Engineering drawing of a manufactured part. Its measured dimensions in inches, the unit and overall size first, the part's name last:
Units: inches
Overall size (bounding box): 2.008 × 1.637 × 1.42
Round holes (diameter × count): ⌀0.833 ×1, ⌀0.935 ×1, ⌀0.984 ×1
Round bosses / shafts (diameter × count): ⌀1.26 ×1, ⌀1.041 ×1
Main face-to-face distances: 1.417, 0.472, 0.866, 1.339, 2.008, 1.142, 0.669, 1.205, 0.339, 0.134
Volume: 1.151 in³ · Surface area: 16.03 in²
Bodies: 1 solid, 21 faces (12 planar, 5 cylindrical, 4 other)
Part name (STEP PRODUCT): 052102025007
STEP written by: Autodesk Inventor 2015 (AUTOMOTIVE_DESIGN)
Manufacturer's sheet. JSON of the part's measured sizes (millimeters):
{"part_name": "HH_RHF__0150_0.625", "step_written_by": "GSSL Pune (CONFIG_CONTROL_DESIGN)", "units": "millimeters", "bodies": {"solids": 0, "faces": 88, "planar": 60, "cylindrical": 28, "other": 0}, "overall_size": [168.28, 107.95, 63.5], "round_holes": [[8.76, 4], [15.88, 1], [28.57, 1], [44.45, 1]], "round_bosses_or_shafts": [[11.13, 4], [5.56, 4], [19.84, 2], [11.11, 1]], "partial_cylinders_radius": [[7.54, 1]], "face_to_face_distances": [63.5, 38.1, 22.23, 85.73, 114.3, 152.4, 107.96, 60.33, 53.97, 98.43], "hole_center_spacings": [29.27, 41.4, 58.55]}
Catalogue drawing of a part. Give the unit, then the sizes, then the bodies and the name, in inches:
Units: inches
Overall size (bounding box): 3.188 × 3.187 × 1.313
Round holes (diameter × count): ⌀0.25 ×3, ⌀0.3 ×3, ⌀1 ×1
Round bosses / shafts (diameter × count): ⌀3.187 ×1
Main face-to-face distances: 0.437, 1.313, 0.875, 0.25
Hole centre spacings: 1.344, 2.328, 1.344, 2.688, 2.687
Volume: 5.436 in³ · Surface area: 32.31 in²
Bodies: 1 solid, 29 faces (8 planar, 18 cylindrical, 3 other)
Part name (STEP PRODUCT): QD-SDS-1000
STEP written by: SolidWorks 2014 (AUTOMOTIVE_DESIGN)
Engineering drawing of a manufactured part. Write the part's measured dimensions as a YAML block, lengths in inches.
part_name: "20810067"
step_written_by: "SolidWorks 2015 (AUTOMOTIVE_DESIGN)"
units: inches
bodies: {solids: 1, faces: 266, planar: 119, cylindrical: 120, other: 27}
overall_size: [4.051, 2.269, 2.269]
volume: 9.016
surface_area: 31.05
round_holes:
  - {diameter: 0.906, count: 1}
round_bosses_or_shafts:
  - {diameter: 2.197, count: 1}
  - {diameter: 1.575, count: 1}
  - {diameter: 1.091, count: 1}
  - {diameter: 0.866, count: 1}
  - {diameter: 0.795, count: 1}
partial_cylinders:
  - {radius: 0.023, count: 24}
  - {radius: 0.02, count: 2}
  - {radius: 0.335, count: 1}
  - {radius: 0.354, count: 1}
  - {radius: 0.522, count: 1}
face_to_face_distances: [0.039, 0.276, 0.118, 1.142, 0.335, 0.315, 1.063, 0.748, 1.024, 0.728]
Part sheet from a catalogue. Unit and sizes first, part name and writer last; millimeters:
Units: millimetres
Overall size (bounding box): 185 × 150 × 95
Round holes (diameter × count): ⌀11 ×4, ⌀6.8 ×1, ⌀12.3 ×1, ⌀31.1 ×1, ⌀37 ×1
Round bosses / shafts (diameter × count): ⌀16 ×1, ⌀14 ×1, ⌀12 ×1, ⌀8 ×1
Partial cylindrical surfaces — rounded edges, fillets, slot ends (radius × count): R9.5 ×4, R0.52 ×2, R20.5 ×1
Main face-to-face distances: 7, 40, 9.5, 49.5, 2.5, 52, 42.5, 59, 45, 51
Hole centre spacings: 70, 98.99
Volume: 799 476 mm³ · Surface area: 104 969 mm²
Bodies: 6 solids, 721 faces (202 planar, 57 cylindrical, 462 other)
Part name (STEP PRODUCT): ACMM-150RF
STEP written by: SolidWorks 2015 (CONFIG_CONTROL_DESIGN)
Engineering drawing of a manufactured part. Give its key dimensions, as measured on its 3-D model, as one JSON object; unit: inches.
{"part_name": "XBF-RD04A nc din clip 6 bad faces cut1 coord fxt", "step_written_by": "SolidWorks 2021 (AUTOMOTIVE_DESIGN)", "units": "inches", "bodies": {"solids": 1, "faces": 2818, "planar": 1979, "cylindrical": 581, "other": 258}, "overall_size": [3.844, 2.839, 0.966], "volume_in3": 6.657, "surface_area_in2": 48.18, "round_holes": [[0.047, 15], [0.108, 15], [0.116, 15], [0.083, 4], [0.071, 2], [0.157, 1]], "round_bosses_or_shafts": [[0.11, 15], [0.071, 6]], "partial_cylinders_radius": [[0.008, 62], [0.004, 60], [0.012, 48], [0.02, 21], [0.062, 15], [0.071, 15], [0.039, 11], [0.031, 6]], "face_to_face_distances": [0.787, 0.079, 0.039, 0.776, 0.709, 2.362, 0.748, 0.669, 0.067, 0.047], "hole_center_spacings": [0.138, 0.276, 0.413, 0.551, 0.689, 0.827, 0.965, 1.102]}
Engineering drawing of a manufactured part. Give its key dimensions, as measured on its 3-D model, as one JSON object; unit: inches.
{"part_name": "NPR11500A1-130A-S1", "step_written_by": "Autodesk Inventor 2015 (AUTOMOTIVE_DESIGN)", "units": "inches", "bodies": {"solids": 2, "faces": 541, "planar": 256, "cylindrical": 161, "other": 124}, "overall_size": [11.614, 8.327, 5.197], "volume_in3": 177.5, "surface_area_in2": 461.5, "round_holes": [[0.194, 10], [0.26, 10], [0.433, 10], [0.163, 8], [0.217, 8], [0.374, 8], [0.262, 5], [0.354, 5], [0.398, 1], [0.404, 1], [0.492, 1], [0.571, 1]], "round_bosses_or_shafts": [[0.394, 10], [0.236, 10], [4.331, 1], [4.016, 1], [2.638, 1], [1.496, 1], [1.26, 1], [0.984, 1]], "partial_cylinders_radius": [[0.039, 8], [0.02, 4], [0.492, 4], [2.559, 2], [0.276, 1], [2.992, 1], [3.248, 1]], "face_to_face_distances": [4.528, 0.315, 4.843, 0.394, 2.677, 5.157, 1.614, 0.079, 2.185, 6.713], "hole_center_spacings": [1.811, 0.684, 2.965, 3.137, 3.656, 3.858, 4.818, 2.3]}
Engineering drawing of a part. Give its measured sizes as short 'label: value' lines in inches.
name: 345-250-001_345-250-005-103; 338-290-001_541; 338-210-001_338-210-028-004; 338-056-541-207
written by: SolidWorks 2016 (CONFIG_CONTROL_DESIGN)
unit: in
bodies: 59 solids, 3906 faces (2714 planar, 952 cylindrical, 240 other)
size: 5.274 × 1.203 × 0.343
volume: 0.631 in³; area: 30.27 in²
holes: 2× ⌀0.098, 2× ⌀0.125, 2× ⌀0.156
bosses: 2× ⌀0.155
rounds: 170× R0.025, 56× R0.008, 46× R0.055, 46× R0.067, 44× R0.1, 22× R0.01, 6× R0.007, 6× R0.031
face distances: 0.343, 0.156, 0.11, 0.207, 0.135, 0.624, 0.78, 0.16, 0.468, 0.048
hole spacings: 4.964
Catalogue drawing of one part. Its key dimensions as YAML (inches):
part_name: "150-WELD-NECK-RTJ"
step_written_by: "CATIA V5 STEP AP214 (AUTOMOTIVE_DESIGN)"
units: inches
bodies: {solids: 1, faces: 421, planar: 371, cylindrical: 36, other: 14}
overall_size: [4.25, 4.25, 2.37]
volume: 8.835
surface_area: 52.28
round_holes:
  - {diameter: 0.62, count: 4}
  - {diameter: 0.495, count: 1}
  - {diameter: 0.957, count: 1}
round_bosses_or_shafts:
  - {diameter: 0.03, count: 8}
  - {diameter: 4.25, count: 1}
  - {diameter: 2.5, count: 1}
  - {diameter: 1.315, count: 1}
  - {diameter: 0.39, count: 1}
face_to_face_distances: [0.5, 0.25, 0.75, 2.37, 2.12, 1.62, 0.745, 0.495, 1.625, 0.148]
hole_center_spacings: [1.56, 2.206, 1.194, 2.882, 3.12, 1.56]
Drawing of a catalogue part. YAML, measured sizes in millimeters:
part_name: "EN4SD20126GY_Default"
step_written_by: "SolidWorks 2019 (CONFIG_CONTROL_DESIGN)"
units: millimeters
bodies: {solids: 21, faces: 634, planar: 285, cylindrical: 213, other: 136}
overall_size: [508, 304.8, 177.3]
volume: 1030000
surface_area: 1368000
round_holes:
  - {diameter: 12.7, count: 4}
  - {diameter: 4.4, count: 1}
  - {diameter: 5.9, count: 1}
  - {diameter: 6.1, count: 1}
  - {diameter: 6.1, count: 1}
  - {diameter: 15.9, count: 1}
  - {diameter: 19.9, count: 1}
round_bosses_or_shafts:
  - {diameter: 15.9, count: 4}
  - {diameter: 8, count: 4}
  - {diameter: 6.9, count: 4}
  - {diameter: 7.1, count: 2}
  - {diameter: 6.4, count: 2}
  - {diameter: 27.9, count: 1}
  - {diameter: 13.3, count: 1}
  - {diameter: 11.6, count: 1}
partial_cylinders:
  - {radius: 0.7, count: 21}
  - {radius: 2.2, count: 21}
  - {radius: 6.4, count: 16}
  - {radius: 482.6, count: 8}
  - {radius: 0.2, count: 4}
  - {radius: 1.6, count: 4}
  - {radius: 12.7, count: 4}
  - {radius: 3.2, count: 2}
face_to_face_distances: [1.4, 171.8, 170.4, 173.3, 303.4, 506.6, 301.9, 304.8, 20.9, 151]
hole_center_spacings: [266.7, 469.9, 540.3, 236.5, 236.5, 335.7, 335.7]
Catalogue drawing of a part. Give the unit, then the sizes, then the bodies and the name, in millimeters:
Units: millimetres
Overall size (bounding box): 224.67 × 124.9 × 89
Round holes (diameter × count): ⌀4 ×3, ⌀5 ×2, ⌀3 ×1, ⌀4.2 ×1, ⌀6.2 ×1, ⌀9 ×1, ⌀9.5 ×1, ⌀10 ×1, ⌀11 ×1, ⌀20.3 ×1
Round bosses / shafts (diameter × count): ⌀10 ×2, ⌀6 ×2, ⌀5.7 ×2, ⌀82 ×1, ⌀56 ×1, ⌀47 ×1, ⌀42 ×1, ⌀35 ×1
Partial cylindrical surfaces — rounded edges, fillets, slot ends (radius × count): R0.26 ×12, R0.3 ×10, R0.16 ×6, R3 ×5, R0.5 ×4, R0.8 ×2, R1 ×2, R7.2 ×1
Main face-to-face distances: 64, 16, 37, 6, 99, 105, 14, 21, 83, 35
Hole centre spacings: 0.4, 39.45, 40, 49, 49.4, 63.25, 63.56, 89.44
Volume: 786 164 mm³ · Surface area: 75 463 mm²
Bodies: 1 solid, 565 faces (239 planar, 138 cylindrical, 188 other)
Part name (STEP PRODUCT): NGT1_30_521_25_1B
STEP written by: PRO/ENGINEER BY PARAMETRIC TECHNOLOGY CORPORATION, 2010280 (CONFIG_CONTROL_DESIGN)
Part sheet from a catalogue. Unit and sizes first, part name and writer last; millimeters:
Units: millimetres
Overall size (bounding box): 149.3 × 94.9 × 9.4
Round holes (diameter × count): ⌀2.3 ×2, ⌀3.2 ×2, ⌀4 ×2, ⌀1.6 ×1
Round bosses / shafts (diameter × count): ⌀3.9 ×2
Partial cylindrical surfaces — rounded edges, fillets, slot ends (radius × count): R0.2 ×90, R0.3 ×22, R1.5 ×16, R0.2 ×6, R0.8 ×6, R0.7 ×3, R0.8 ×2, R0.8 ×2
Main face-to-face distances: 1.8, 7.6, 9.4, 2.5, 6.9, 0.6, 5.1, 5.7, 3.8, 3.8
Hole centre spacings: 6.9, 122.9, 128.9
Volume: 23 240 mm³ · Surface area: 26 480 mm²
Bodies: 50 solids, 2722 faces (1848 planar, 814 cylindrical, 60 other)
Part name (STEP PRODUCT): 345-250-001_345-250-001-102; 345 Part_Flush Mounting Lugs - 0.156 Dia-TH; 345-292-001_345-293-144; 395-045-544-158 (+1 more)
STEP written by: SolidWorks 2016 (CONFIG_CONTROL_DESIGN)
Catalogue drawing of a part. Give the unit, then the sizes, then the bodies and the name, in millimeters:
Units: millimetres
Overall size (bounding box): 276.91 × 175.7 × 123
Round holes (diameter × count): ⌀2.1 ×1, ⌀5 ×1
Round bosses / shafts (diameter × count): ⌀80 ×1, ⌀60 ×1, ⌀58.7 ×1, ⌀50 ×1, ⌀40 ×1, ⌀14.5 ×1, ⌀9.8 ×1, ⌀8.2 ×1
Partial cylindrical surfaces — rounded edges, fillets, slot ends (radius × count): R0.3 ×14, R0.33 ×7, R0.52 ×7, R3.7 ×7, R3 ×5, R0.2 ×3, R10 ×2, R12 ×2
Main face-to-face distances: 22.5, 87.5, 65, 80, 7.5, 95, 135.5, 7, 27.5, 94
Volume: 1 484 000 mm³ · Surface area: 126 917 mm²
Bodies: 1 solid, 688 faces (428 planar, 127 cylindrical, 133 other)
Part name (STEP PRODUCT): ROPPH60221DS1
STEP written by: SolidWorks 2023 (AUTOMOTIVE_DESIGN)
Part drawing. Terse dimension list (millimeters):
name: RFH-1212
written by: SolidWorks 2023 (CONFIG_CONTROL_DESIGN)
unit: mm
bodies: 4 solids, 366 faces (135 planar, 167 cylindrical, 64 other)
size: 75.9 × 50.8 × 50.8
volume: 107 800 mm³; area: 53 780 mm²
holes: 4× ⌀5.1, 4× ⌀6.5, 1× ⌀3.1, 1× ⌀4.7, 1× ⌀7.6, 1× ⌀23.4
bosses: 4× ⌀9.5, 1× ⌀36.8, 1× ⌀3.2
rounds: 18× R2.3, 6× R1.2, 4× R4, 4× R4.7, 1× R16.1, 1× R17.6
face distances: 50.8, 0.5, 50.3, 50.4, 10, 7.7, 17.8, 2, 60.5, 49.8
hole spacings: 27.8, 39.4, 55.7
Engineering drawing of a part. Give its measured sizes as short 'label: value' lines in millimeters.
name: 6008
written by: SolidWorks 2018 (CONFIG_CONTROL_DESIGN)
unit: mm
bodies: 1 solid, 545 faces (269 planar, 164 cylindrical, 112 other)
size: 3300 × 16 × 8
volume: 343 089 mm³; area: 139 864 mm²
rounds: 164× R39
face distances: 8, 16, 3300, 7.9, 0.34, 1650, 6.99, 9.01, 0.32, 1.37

• **WHAT IS EXPECTED**:
Output must be limited to the lines beginning with the one that contains "Part drawing. Terse" and ending with the last line of the entries, reproduced exactly.

• **TASK RESULT**:
Part drawing. Terse dimension list (millimeters):
name: RFH-1212
written by: SolidWorks 2023 (CONFIG_CONTROL_DESIGN)
unit: mm
bodies: 4 solids, 366 faces (135 planar, 167 cylindrical, 64 other)
size: 75.9 × 50.8 × 50.8
volume: 107 800 mm³; area: 53 780 mm²
holes: 4× ⌀5.1, 4× ⌀6.5, 1× ⌀3.1, 1× ⌀4.7, 1× ⌀7.6, 1× ⌀23.4
bosses: 4× ⌀9.5, 1× ⌀36.8, 1× ⌀3.2
rounds: 18× R2.3, 6× R1.2, 4× R4, 4× R4.7, 1× R16.1, 1× R17.6
face distances: 50.8, 0.5, 50.3, 50.4, 10, 7.7, 17.8, 2, 60.5, 49.8
hole spacings: 27.8, 39.4, 55.7
Engineering drawing of a part. Give its measured sizes as short 'label: value' lines in millimeters.
name: 6008
written by: SolidWorks 2018 (CONFIG_CONTROL_DESIGN)
unit: mm
bodies: 1 solid, 545 faces (269 planar, 164 cylindrical, 112 other)
size: 3300 × 16 × 8
volume: 343 089 mm³; area: 139 864 mm²
rounds: 164× R39
face distances: 8, 16, 3300, 7.9, 0.34, 1650, 6.99, 9.01, 0.32, 1.37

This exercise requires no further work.